Когда я прихожу к Себине, она катится мне навстречу на роликах, пристегнутых к светящимся кроссовкам, которые я ей подарила. Начинаем играть в игру: Себина — официантка, вроде тех, которые обслуживают в американских фастфудах, на роликах, в мини-юбке и с пушистым хвостиком сзади, она видела таких по телевизору. Наклоняется, ставя передо мной пустую тарелку, стакан. Выпрямляется, записывает в блокнот заказ.
— Что желаете, синьора?
— Уштипцы, колачи и клубничный торт.
Кладет передо мной книгу, кухонную прихватку и перевернутую чашку. Я наедаюсь до отвала, двигая губами, будто что-то жую. Она смеется, говорит:
— Да уж… Неплохо бы сейчас клубничного тортика.
Нет ни яиц, ни масла, но мы пробуем приготовить торт из сливового мармелада, подсолнечного масла и ржаной муки. Жарим в сковородке на переносной газовой плитке. Получается нечто жесткое, все в дырах, как в прыщах на нечистом лице. Но мы все равно довольны. Собираем с тарелок крошки, облизываем пальцы. Потом — грохот, который долго будет стоять у нас в ушах. Граната разорвалась совсем рядом. Бабахнуло за спиной, отдаваясь во всем теле. Стены дрожат. Только несколько мгновений спустя мы осознаем, что совершенно случайно остались живы. Такую случайность в Сараеве уже называют чудом. Если бы мы стояли там, где были перед тем, как готовить торт…
Осколок здесь: разворотил окно и застрял в стене. Кусок скрученного металла, заостренный, как штык лопаты, чуть длиннее руки. Вокруг него пошли трещины, настолько глубокие, что проглядывает внутренность стены. Зрелище напоминает скульптуру концептуалиста: стена — земля, растрескавшаяся от засухи, а железная головешка — огромная зловещая лопата. Портрет Тито не упал, только перевернулся, но остался болтаться на гвозде. Диего должен это заснять, такая картина заслуживает того, чтобы ее увидели.

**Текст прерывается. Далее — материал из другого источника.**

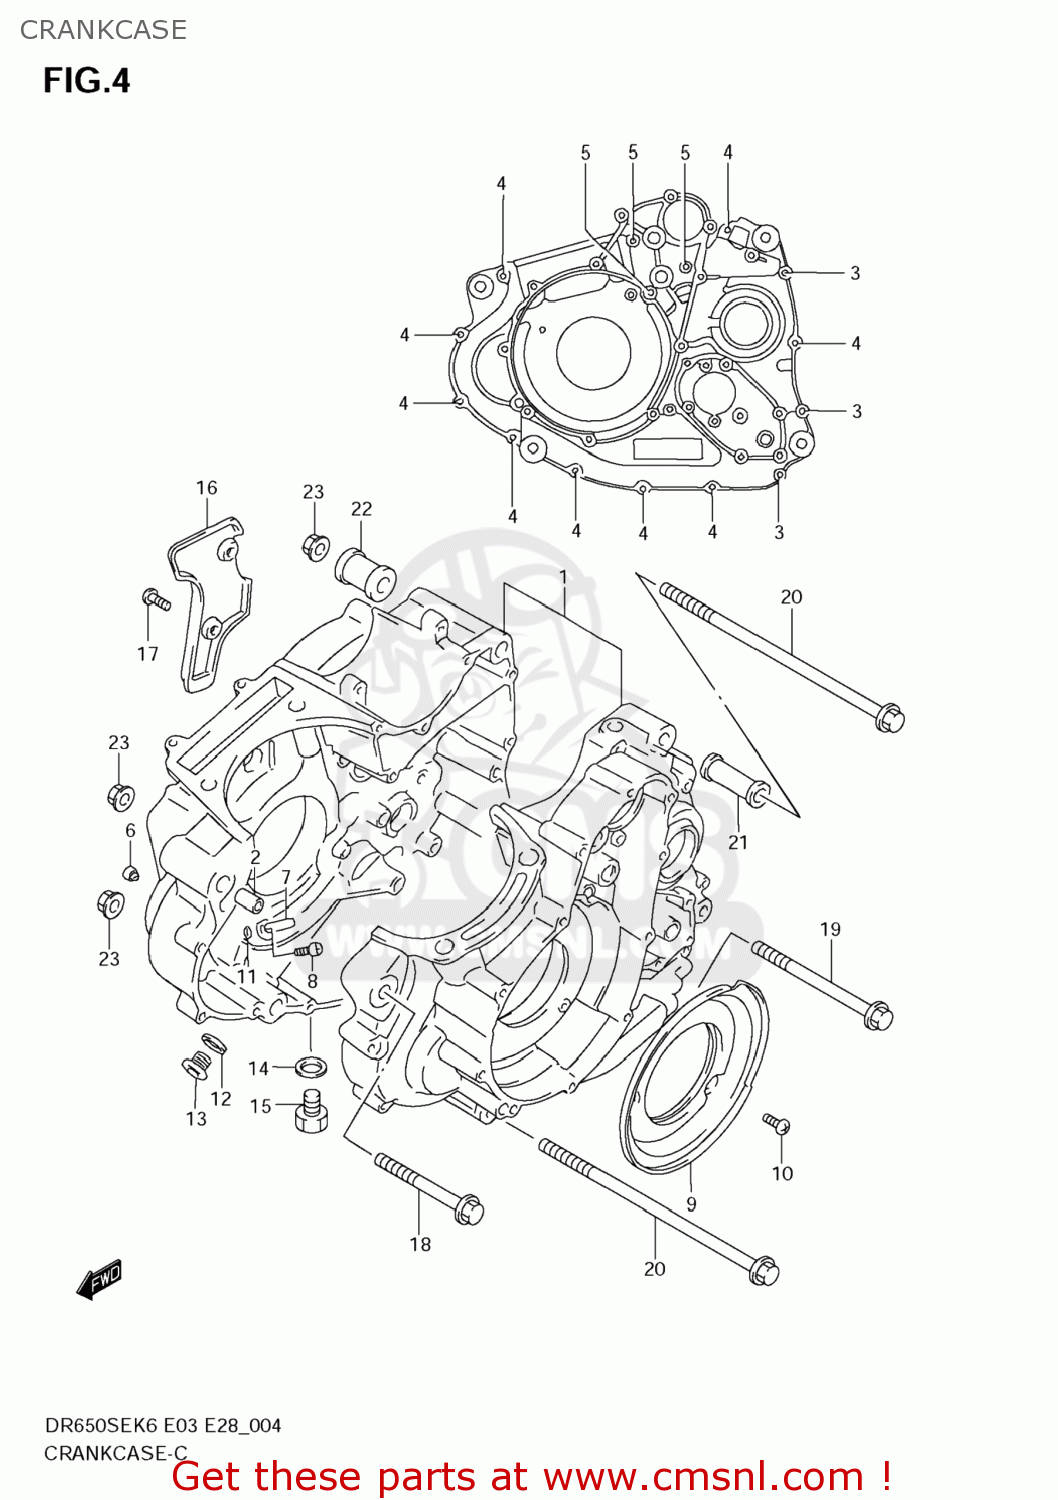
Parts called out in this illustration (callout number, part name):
1	CRANKCASE SET
2	PIN
3	BOLT(6X60)
4	BOLT(6X40)
5	BOLT
6	JET,OIL GALLERY
7	JET,PISTON COOLING
8	BOLT(6X12)
9	SEPARATOR,CRANKCASE OIL
10	SCREW
11	O RING(D:1.2,ID:4)
12	GASKET(13.8X18.8X4.8) (NAS)
13	PLUG,14X12
14	GASKET(13.8X18.8X4.8) (NAS)
15	PLUG(14X12)
16	COVER,BREATHER
17	SCREW
18	BOLT(10X100)
19	BOLT(10X130)
20	BOLT(10X235)
21	SPACER,ENGINE MOUNT(L:65)
22	SPACER,ENGINE MOUNT(L27)
23	NUT

Сердце, как ходики, качается взад-вперед, отсчитывая секунды. Дом устоял. Затаив дыхание, ждем, когда поврежденное здание заново обретет равновесие. Аквариум с рыбками пока цел. Себина смотрит на него… смотрит, как разноцветные чешуйки переливаются в потревоженной воде. Мы вместе смотрим, как сопротивляется жизнь. Смотрим на рыбок, трепещущих, как лилии нового флага Боснии. Какое-то мгновение, и невидимая трещина ползет по стеклу. Взрыв застрял под водой и только сейчас выбирается наружу. Аквариум, расколовшись надвое, падает и разбивается вдребезги. Выброшенные рыбки подпрыгивают в пыли, пачкая спинки. Себина орет, я кричу ей, чтобы она не приближалась — перекрытия могут рухнуть. Но она ныряет в пыль. Тогда я за ней, и мы на четвереньках ползаем по комнатушке, готовой обвалиться с минуты на минуту, пытаясь спасти эти созданьица, которые не стоят ничего. Хотя нет, сейчас они стоят дороже всего… как символ, как лилии. Выливаю из канистры немного воды в кастрюлю, бросаем рыбок туда. Чуть позже замечаю в глазах Себины непролившиеся слезы: мы смотрим на движения рыбок в кастрюле, в грязной от пыли воде. Все живы, кроме одной. Одна качается на воде, как окурок.